Django ugettext_lazy, interpolation and ChoiceField - django

I want a ChoiceField with these choices:
choices = [(1, '1 thing'),
(2, '2 things'),
(3, '3 things'),
...]
and I want to have it translated.
This does not work:
choices = [(i, ungettext_lazy('%s thing', '%s things', i) % i) for i in range(1,4)]
because as soon as the lazy object is interpolated, it becomes a unicode object - since ChoiceField.choices is evaluated at startup, its choices will be in the language active during Django's startup.
I could use ugettext_lazy('%s things' % i), but that would require a translation for each numeral, which is silly. What is the right way to do this?

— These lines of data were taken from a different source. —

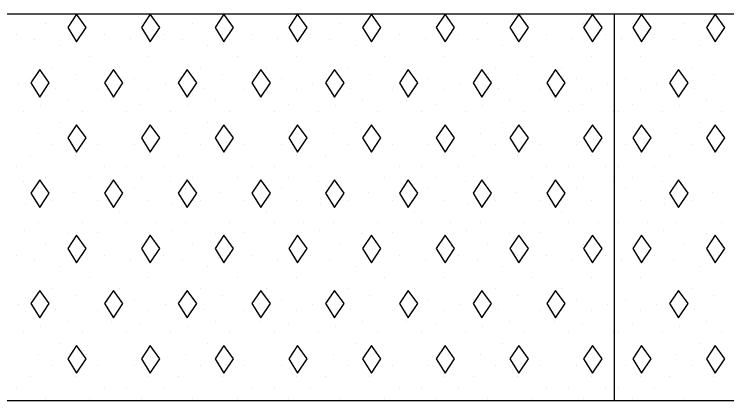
# Model space of a CAD drawing. Extents: x 1313964 to 1316843, y 2087046 to 2096619.
# Drawn here: x 1314437.74 to 1314443.61, y 2089491.53 to 2089494.73 of the extents above; entities that cross this region are included whole.
import ezdxf

# ---------------------------------------------------------------- set-up
doc = ezdxf.new("R2010")
doc.units = 0
doc.layers.add('B-Sub-Contour', color=7, linetype='Continuous')
doc.layers.add('Default', color=7, linetype='Continuous')

# ---------------------------------------------------------------- blocks, each defined once
blk = doc.blocks.new('POINT_DISPLAY')
at = {"layer": 'Default'}
blk.add_line((0, 0), (0, 0), dxfattribs=at)

msp = doc.modelspace()

# ---------------------------------------------------------------- linework, layer by layer
at = {"layer": 'B-Sub-Contour'}
for points in [[(1314449.6872, 2089494.7264), (1314404.6873, 2089494.7264)], [(1314442.6872, 2089491.5339), (1314442.6872, 2089494.7264)], [(1314449.6872, 2089491.5339), (1314404.6873, 2089491.5339)]]:
    msp.add_lwpolyline(points, dxfattribs=at)
for points in [[(1314438.2501, 2089494.7264), (1314438.1771, 2089494.617), (1314438.2501, 2089494.4984), (1314438.3291, 2089494.617)], [(1314438.8582, 2089494.7264), (1314438.7852, 2089494.617), (1314438.8582, 2089494.4984), (1314438.9372, 2089494.617)], [(1314439.4663, 2089494.7264), (1314439.3933, 2089494.617), (1314439.4663, 2089494.4984), (1314439.5453, 2089494.617)], [(1314440.0744, 2089494.7264), (1314440.0014, 2089494.617), (1314440.0744, 2089494.4984), (1314440.1534, 2089494.617)], [(1314440.6825, 2089494.7264), (1314440.6095, 2089494.617), (1314440.6825, 2089494.4984), (1314440.7615, 2089494.617)], [(1314441.2906, 2089494.7264), (1314441.2176, 2089494.617), (1314441.2906, 2089494.4984), (1314441.3697, 2089494.617)], [(1314441.8987, 2089494.7264), (1314441.8257, 2089494.617), (1314441.8987, 2089494.4984), (1314441.9778, 2089494.617)], [(1314442.5068, 2089494.7264), (1314442.4338, 2089494.617), (1314442.5068, 2089494.4984), (1314442.5859, 2089494.617)], [(1314442.9122, 2089494.7264), (1314442.8392, 2089494.617), (1314442.9122, 2089494.4984), (1314442.9913, 2089494.617)], [(1314443.5203, 2089494.7264), (1314443.4474, 2089494.617), (1314443.5203, 2089494.4984), (1314443.5994, 2089494.617)], [(1314437.946, 2089494.2704), (1314437.873, 2089494.1609), (1314437.946, 2089494.0423), (1314438.0251, 2089494.1609)], [(1314438.5541, 2089494.2704), (1314438.4811, 2089494.1609), (1314438.5541, 2089494.0423), (1314438.6332, 2089494.1609)], [(1314439.1622, 2089494.2704), (1314439.0893, 2089494.1609), (1314439.1622, 2089494.0423), (1314439.2413, 2089494.1609)], [(1314439.7703, 2089494.2704), (1314439.6974, 2089494.1609), (1314439.7703, 2089494.0423), (1314439.8494, 2089494.1609)], [(1314440.3784, 2089494.2704), (1314440.3055, 2089494.1609), (1314440.3784, 2089494.0423), (1314440.4575, 2089494.1609)], [(1314440.9865, 2089494.2704), (1314440.9136, 2089494.1609), (1314440.9865, 2089494.0423), (1314441.0656, 2089494.1609)], [(1314441.5947, 2089494.2704), (1314441.5217, 2089494.1609), (1314441.5947, 2089494.0423), (1314441.6737, 2089494.1609)], [(1314442.2028, 2089494.2704), (1314442.1298, 2089494.1609), (1314442.2028, 2089494.0423), (1314442.2818, 2089494.1609)], [(1314443.2163, 2089494.2704), (1314443.1433, 2089494.1609), (1314443.2163, 2089494.0423), (1314443.2953, 2089494.1609)], [(1314438.2501, 2089493.8143), (1314438.1771, 2089493.7048), (1314438.2501, 2089493.5862), (1314438.3291, 2089493.7048)], [(1314438.8582, 2089493.8143), (1314438.7852, 2089493.7048), (1314438.8582, 2089493.5862), (1314438.9372, 2089493.7048)], [(1314439.4663, 2089493.8143), (1314439.3933, 2089493.7048), (1314439.4663, 2089493.5862), (1314439.5453, 2089493.7048)], [(1314440.0744, 2089493.8143), (1314440.0014, 2089493.7048), (1314440.0744, 2089493.5862), (1314440.1534, 2089493.7048)], [(1314440.6825, 2089493.8143), (1314440.6095, 2089493.7048), (1314440.6825, 2089493.5862), (1314440.7615, 2089493.7048)], [(1314441.2906, 2089493.8143), (1314441.2176, 2089493.7048), (1314441.2906, 2089493.5862), (1314441.3697, 2089493.7048)], [(1314441.8987, 2089493.8143), (1314441.8257, 2089493.7048), (1314441.8987, 2089493.5862), (1314441.9778, 2089493.7048)], [(1314442.5068, 2089493.8143), (1314442.4338, 2089493.7048), (1314442.5068, 2089493.5862), (1314442.5859, 2089493.7048)], [(1314442.9122, 2089493.8143), (1314442.8392, 2089493.7048), (1314442.9122, 2089493.5862), (1314442.9913, 2089493.7048)], [(1314443.5203, 2089493.8143), (1314443.4474, 2089493.7048), (1314443.5203, 2089493.5862), (1314443.5994, 2089493.7048)], [(1314437.946, 2089493.3582), (1314437.873, 2089493.2487), (1314437.946, 2089493.1302), (1314438.0251, 2089493.2487)], [(1314438.5541, 2089493.3582), (1314438.4811, 2089493.2487), (1314438.5541, 2089493.1302), (1314438.6332, 2089493.2487)], [(1314439.1622, 2089493.3582), (1314439.0893, 2089493.2487), (1314439.1622, 2089493.1302), (1314439.2413, 2089493.2487)], [(1314439.7703, 2089493.3582), (1314439.6974, 2089493.2487), (1314439.7703, 2089493.1302), (1314439.8494, 2089493.2487)], [(1314440.3784, 2089493.3582), (1314440.3055, 2089493.2487), (1314440.3784, 2089493.1302), (1314440.4575, 2089493.2487)], [(1314440.9865, 2089493.3582), (1314440.9136, 2089493.2487), (1314440.9865, 2089493.1302), (1314441.0656, 2089493.2487)], [(1314441.5947, 2089493.3582), (1314441.5217, 2089493.2487), (1314441.5947, 2089493.1302), (1314441.6737, 2089493.2487)], [(1314442.2028, 2089493.3582), (1314442.1298, 2089493.2487), (1314442.2028, 2089493.1302), (1314442.2818, 2089493.2487)], [(1314443.2163, 2089493.3582), (1314443.1433, 2089493.2487), (1314443.2163, 2089493.1302), (1314443.2953, 2089493.2487)], [(1314438.2501, 2089492.9021), (1314438.1771, 2089492.7927), (1314438.2501, 2089492.6741), (1314438.3291, 2089492.7927)], [(1314438.8582, 2089492.9021), (1314438.7852, 2089492.7927), (1314438.8582, 2089492.6741), (1314438.9372, 2089492.7927)], [(1314439.4663, 2089492.9021), (1314439.3933, 2089492.7927), (1314439.4663, 2089492.6741), (1314439.5453, 2089492.7927)], [(1314440.0744, 2089492.9021), (1314440.0014, 2089492.7927), (1314440.0744, 2089492.6741), (1314440.1534, 2089492.7927)], [(1314440.6825, 2089492.9021), (1314440.6095, 2089492.7927), (1314440.6825, 2089492.6741), (1314440.7615, 2089492.7927)], [(1314441.2906, 2089492.9021), (1314441.2176, 2089492.7927), (1314441.2906, 2089492.6741), (1314441.3697, 2089492.7927)], [(1314441.8987, 2089492.9021), (1314441.8257, 2089492.7927), (1314441.8987, 2089492.6741), (1314441.9778, 2089492.7927)], [(1314442.5068, 2089492.9021), (1314442.4338, 2089492.7927), (1314442.5068, 2089492.6741), (1314442.5859, 2089492.7927)], [(1314442.9122, 2089492.9021), (1314442.8392, 2089492.7927), (1314442.9122, 2089492.6741), (1314442.9913, 2089492.7927)], [(1314443.5203, 2089492.9021), (1314443.4474, 2089492.7927), (1314443.5203, 2089492.6741), (1314443.5994, 2089492.7927)], [(1314437.946, 2089492.446), (1314437.873, 2089492.3366), (1314437.946, 2089492.218), (1314438.0251, 2089492.3366)], [(1314438.5541, 2089492.446), (1314438.4811, 2089492.3366), (1314438.5541, 2089492.218), (1314438.6332, 2089492.3366)], [(1314439.1622, 2089492.446), (1314439.0893, 2089492.3366), (1314439.1622, 2089492.218), (1314439.2413, 2089492.3366)], [(1314439.7703, 2089492.446), (1314439.6974, 2089492.3366), (1314439.7703, 2089492.218), (1314439.8494, 2089492.3366)], [(1314440.3784, 2089492.446), (1314440.3055, 2089492.3366), (1314440.3784, 2089492.218), (1314440.4575, 2089492.3366)], [(1314440.9865, 2089492.446), (1314440.9136, 2089492.3366), (1314440.9865, 2089492.218), (1314441.0656, 2089492.3366)], [(1314441.5947, 2089492.446), (1314441.5217, 2089492.3366), (1314441.5947, 2089492.218), (1314441.6737, 2089492.3366)], [(1314442.2028, 2089492.446), (1314442.1298, 2089492.3366), (1314442.2028, 2089492.218), (1314442.2818, 2089492.3366)], [(1314443.2163, 2089492.446), (1314443.1433, 2089492.3366), (1314443.2163, 2089492.218), (1314443.2953, 2089492.3366)], [(1314438.2501, 2089491.99), (1314438.1771, 2089491.8805), (1314438.2501, 2089491.7619), (1314438.3291, 2089491.8805)], [(1314438.8582, 2089491.99), (1314438.7852, 2089491.8805), (1314438.8582, 2089491.7619), (1314438.9372, 2089491.8805)], [(1314439.4663, 2089491.99), (1314439.3933, 2089491.8805), (1314439.4663, 2089491.7619), (1314439.5453, 2089491.8805)], [(1314440.0744, 2089491.99), (1314440.0014, 2089491.8805), (1314440.0744, 2089491.7619), (1314440.1534, 2089491.8805)], [(1314440.6825, 2089491.99), (1314440.6095, 2089491.8805), (1314440.6825, 2089491.7619), (1314440.7615, 2089491.8805)], [(1314441.2906, 2089491.99), (1314441.2176, 2089491.8805), (1314441.2906, 2089491.7619), (1314441.3697, 2089491.8805)], [(1314441.8987, 2089491.99), (1314441.8257, 2089491.8805), (1314441.8987, 2089491.7619), (1314441.9778, 2089491.8805)], [(1314442.5068, 2089491.99), (1314442.4338, 2089491.8805), (1314442.5068, 2089491.7619), (1314442.5859, 2089491.8805)], [(1314442.9122, 2089491.99), (1314442.8392, 2089491.8805), (1314442.9122, 2089491.7619), (1314442.9913, 2089491.8805)], [(1314443.5203, 2089491.99), (1314443.4474, 2089491.8805), (1314443.5203, 2089491.7619), (1314443.5994, 2089491.8805)]]:
    msp.add_lwpolyline(points, close=True, dxfattribs=at)

# ---------------------------------------------------------------- block references
at = {"layer": 'B-Sub-Contour', "xscale": 0.0299265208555, "yscale": 0.019951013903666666, "rotation": 90}
for p in [(1314437.9947, 2089494.6512), (1314438.7852, 2089494.6512), (1314439.2109, 2089494.6512), (1314440.0014, 2089494.6512), (1314440.4271, 2089494.6512), (1314441.2176, 2089494.6512), (1314441.6433, 2089494.6512), (1314442.4338, 2089494.6512), (1314442.8392, 2089494.6512), (1314443.2649, 2089494.6512), (1314437.7514, 2089494.56), (1314437.9062, 2089494.5185), (1314438.2379, 2089494.56), (1314438.4811, 2089494.56), (1314438.694, 2089494.5226), (1314438.9676, 2089494.56), (1314439.1224, 2089494.5185), (1314439.4541, 2089494.56), (1314439.6974, 2089494.56), (1314439.9102, 2089494.5226), (1314440.1838, 2089494.56), (1314440.3386, 2089494.5185), (1314440.6703, 2089494.56), (1314440.9136, 2089494.56), (1314441.1264, 2089494.5226), (1314441.4001, 2089494.56), (1314441.5548, 2089494.5185), (1314441.8865, 2089494.56), (1314442.1298, 2089494.56), (1314442.3426, 2089494.5226), (1314442.6163, 2089494.56), (1314442.748, 2089494.5226), (1314443.0217, 2089494.56), (1314443.1765, 2089494.5185), (1314443.5082, 2089494.56), (1314438.1163, 2089494.4688), (1314439.3325, 2089494.4688), (1314440.5487, 2089494.4688), (1314441.7649, 2089494.4688), (1314443.3865, 2089494.4688), (1314438.3595, 2089494.3775), (1314438.846, 2089494.3775), (1314439.5757, 2089494.3775), (1314440.0622, 2089494.3775), (1314440.792, 2089494.3775), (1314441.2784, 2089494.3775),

In the Django documentation, Translation… Working with lazy translation objects, I see a remark which seems to address your concern here.
Using ugettext_lazy() and ungettext_lazy() to mark strings in models and utility functions is a common operation. When you're working with these objects elsewhere in your code, you should ensure that you don't accidentally convert them to strings, because they should be converted as late as possible (so that the correct locale is in effect). This necessitates the use of the helper function described next.
Then they present django.utils.functional.lazy(func, *resultclasses), which is not presently covered by the django.utils.functional module documentation. However, according to the django.utils.functional.py source code, it "Turns any callable into a lazy evaluated callable.… the
function is evaluated on every access."
Modifying their example from Other uses of lazy in delayed translations to incorporate your code, the following code might work for you.
from django.utils import six # Python 3 compatibility
from django.utils.functional import lazy
from django.utils.safestring import mark_safe
choices = [
(i, lazy(
mark_safe(ungettext_lazy('%s thing', '%s things', i) % i),
six.text_type
)# lazy()
for i in range(1,4)
]
Also, the django.utils.functional module documentation does mention a function decorator allow_lazy(func, *resultclasses). This lets you write your own function which takes a lazy string as arguments. "It modifies the function so that if it's called with a lazy translation as the first argument, the function evaluation is delayed until it needs to be converted to a string." lazy(func, *resultclasses) is not a decorator, it modifies a callable.
N.B. I haven't tried this code in Django. I'm just passing along what I found in the documentation. Hopefully it will point you to something you can use.

For those who encounter this question. Unfortunately, #Jim DeLaHunt's answer doesn't completely work - it's almost there, but not exactly what needs to be done.
The important distinctions are:
What you need to warp with lazy is a function that'd return you a text value, not another lazy translation object, or you'll likely see weird <django.utils.functional.__proxy__ at ...> instead of the actual text (IIRC Django won't go deep down the chain of lazy objects). So, use ungettext, not ungettext_lazy.
You want to do string interpolation only when the wrapped function runs. If you write lazy(f("%d" % 42)) the interpolation would happen too early - in this case Python evaluates eagerly. And don't forget about variable scopes - you can't just refer to the iterator from the wrapped function.
Here, I've used a lambda that receives a number argument and does the interpolation. The code inside lambda is only executed when lazy object is evaluated, that is, when the choice is rendered.
So, the working code is:
choices = [
(
(i, lazy(
lambda cnt: ungettext(u"%(count)d thing",
u"%(count)d things", cnt)
% {"count": cnt},
six.text_type
)(i))
)
for i in [1, 2, 3]
]
This will correctly have the same intended effect as
choices = [
(1, _("1 thing")),
(2, _("2 things")),
(3, _("3 things")),
]
But there will be just a single entry for this in translation database, not multiple ones.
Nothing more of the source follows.